◆ **Problem statement**
In the entries that follow, which lines hold the string "horizontal"? List them.

◆ **Records to use**
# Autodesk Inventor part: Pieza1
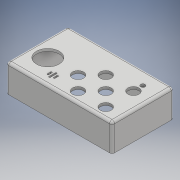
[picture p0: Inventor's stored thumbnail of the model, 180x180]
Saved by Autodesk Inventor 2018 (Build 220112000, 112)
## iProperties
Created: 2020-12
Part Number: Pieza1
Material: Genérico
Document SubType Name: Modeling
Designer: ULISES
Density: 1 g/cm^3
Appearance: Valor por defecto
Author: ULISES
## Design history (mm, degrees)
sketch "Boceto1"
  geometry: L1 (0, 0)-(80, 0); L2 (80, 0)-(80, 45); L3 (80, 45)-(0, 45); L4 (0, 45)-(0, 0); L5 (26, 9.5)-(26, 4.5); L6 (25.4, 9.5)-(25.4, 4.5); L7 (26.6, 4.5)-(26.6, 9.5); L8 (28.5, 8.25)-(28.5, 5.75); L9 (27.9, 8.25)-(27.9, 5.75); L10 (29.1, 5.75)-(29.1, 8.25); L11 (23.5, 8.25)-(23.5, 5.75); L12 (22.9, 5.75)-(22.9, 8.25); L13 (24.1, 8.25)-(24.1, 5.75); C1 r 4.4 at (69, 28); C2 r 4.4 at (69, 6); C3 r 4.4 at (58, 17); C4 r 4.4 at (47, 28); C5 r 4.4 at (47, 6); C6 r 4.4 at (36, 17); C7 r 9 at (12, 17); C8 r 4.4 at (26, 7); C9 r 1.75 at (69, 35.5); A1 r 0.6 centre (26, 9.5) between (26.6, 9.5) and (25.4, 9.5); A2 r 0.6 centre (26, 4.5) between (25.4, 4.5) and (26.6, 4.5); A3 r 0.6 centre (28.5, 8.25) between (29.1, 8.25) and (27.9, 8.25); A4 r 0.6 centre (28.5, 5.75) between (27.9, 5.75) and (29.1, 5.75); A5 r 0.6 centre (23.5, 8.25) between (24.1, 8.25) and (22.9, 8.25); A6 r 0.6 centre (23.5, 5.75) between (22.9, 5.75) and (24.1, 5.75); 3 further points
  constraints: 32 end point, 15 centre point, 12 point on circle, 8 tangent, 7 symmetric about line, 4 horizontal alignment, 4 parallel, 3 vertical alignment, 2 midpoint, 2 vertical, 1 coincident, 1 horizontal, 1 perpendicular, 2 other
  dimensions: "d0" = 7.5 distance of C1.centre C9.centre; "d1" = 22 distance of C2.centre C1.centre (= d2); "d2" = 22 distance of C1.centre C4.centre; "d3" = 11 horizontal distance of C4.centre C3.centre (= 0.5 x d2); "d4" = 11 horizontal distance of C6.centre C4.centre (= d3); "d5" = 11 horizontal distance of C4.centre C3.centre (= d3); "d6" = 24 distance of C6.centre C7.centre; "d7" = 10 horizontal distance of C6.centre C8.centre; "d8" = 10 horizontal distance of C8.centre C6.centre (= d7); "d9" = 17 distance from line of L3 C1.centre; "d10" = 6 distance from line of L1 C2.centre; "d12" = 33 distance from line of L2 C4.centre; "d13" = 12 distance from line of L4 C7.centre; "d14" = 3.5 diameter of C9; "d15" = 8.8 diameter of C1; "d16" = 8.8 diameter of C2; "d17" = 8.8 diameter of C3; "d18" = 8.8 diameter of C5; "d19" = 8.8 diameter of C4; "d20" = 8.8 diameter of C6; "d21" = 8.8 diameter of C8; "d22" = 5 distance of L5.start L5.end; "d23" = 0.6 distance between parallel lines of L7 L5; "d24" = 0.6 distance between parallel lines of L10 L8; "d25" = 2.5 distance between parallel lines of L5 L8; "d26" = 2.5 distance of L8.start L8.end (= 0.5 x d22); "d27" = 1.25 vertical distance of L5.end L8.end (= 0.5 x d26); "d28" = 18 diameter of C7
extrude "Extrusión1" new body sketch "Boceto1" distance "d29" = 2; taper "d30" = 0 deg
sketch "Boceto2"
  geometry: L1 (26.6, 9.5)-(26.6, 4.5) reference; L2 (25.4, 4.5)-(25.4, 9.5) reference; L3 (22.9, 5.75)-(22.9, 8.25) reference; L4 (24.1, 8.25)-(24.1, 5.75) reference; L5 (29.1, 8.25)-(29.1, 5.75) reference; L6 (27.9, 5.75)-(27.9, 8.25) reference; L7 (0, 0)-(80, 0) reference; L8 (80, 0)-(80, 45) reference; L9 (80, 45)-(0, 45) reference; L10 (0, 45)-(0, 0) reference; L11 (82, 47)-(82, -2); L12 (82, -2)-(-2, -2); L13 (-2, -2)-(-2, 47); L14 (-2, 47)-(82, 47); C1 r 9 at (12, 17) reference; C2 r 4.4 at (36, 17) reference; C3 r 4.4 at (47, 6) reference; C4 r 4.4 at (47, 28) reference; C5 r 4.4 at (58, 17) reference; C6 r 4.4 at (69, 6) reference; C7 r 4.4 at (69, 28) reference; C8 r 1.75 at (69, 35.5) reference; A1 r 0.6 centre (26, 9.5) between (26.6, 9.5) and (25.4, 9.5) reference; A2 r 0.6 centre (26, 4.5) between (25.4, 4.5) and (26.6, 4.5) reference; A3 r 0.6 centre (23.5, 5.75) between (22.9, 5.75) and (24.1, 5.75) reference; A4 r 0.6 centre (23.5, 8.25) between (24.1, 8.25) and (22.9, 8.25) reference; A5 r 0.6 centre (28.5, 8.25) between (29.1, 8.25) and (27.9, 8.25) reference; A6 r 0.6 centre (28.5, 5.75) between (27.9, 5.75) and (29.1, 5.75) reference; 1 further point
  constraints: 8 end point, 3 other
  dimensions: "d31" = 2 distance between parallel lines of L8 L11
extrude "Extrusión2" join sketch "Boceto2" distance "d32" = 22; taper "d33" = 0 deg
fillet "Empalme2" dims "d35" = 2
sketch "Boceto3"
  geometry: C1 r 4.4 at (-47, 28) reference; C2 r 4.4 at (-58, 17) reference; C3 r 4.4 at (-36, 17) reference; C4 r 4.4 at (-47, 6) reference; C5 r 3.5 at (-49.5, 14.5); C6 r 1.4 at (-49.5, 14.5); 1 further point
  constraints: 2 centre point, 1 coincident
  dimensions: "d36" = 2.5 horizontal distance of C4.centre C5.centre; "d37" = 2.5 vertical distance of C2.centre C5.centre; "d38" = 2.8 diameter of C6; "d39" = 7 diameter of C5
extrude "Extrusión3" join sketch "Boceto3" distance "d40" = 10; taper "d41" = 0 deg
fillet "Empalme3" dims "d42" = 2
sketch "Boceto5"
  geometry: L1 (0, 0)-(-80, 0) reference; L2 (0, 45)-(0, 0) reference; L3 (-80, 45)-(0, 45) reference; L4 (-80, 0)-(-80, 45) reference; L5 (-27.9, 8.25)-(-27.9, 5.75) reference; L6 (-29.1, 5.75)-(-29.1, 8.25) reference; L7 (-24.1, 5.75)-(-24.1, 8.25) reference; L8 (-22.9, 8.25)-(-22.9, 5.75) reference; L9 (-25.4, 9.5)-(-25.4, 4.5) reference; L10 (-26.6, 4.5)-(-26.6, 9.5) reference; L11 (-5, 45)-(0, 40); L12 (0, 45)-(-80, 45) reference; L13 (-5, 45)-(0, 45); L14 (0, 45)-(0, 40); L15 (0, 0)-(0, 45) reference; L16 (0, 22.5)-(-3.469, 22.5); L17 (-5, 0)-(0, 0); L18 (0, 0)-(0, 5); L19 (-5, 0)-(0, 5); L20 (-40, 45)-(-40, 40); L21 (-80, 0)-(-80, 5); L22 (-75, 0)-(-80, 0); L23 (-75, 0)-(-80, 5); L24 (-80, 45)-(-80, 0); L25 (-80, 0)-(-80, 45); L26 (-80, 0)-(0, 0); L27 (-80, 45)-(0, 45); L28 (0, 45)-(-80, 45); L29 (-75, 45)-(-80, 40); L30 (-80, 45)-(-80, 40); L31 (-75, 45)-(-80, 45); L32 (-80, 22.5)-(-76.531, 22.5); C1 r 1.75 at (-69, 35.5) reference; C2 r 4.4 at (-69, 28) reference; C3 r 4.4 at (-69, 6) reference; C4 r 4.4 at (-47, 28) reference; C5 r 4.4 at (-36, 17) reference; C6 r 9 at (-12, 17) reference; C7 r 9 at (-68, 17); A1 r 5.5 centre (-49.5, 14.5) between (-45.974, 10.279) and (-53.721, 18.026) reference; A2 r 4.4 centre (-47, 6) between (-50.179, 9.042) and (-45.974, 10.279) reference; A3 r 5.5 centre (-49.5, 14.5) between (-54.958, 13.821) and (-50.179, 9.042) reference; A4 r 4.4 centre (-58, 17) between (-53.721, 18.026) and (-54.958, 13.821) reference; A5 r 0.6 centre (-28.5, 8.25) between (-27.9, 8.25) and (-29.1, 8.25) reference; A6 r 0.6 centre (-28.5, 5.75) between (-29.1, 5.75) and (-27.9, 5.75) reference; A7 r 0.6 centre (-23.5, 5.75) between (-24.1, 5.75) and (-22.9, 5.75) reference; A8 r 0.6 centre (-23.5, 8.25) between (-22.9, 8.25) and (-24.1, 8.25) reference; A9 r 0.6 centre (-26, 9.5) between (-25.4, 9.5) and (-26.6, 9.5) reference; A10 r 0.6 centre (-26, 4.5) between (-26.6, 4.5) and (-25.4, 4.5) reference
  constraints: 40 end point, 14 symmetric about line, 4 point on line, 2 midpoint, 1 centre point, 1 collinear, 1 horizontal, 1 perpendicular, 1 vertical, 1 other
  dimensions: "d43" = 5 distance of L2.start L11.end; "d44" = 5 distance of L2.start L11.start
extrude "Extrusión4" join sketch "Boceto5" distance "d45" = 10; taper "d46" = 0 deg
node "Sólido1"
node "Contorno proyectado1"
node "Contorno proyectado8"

◆ **Task answer**
  constraints: 32 end point, 15 centre point, 12 point on circle, 8 tangent, 7 symmetric about line, 4 horizontal alignment, 4 parallel, 3 vertical alignment, 2 midpoint, 2 vertical, 1 coincident, 1 horizontal, 1 perpendicular, 2 other
  dimensions: "d0" = 7.5 distance of C1.centre C9.centre; "d1" = 22 distance of C2.centre C1.centre (= d2); "d2" = 22 distance of C1.centre C4.centre; "d3" = 11 horizontal distance of C4.centre C3.centre (= 0.5 x d2); "d4" = 11 horizontal distance of C6.centre C4.centre (= d3); "d5" = 11 horizontal distance of C4.centre C3.centre (= d3); "d6" = 24 distance of C6.centre C7.centre; "d7" = 10 horizontal distance of C6.centre C8.centre; "d8" = 10 horizontal distance of C8.centre C6.centre (= d7); "d9" = 17 distance from line of L3 C1.centre; "d10" = 6 distance from line of L1 C2.centre; "d12" = 33 distance from line of L2 C4.centre; "d13" = 12 distance from line of L4 C7.centre; "d14" = 3.5 diameter of C9; "d15" = 8.8 diameter of C1; "d16" = 8.8 diameter of C2; "d17" = 8.8 diameter of C3; "d18" = 8.8 diameter of C5; "d19" = 8.8 diameter of C4; "d20" = 8.8 diameter of C6; "d21" = 8.8 diameter of C8; "d22" = 5 distance of L5.start L5.end; "d23" = 0.6 distance between parallel lines of L7 L5; "d24" = 0.6 distance between parallel lines of L10 L8; "d25" = 2.5 distance between parallel lines of L5 L8; "d26" = 2.5 distance of L8.start L8.end (= 0.5 x d22); "d27" = 1.25 vertical distance of L5.end L8.end (= 0.5 x d26); "d28" = 18 diameter of C7
  dimensions: "d36" = 2.5 horizontal distance of C4.centre C5.centre; "d37" = 2.5 vertical distance of C2.centre C5.centre; "d38" = 2.8 diameter of C6; "d39" = 7 diameter of C5
  constraints: 40 end point, 14 symmetric about line, 4 point on line, 2 midpoint, 1 centre point, 1 collinear, 1 horizontal, 1 perpendicular, 1 vertical, 1 other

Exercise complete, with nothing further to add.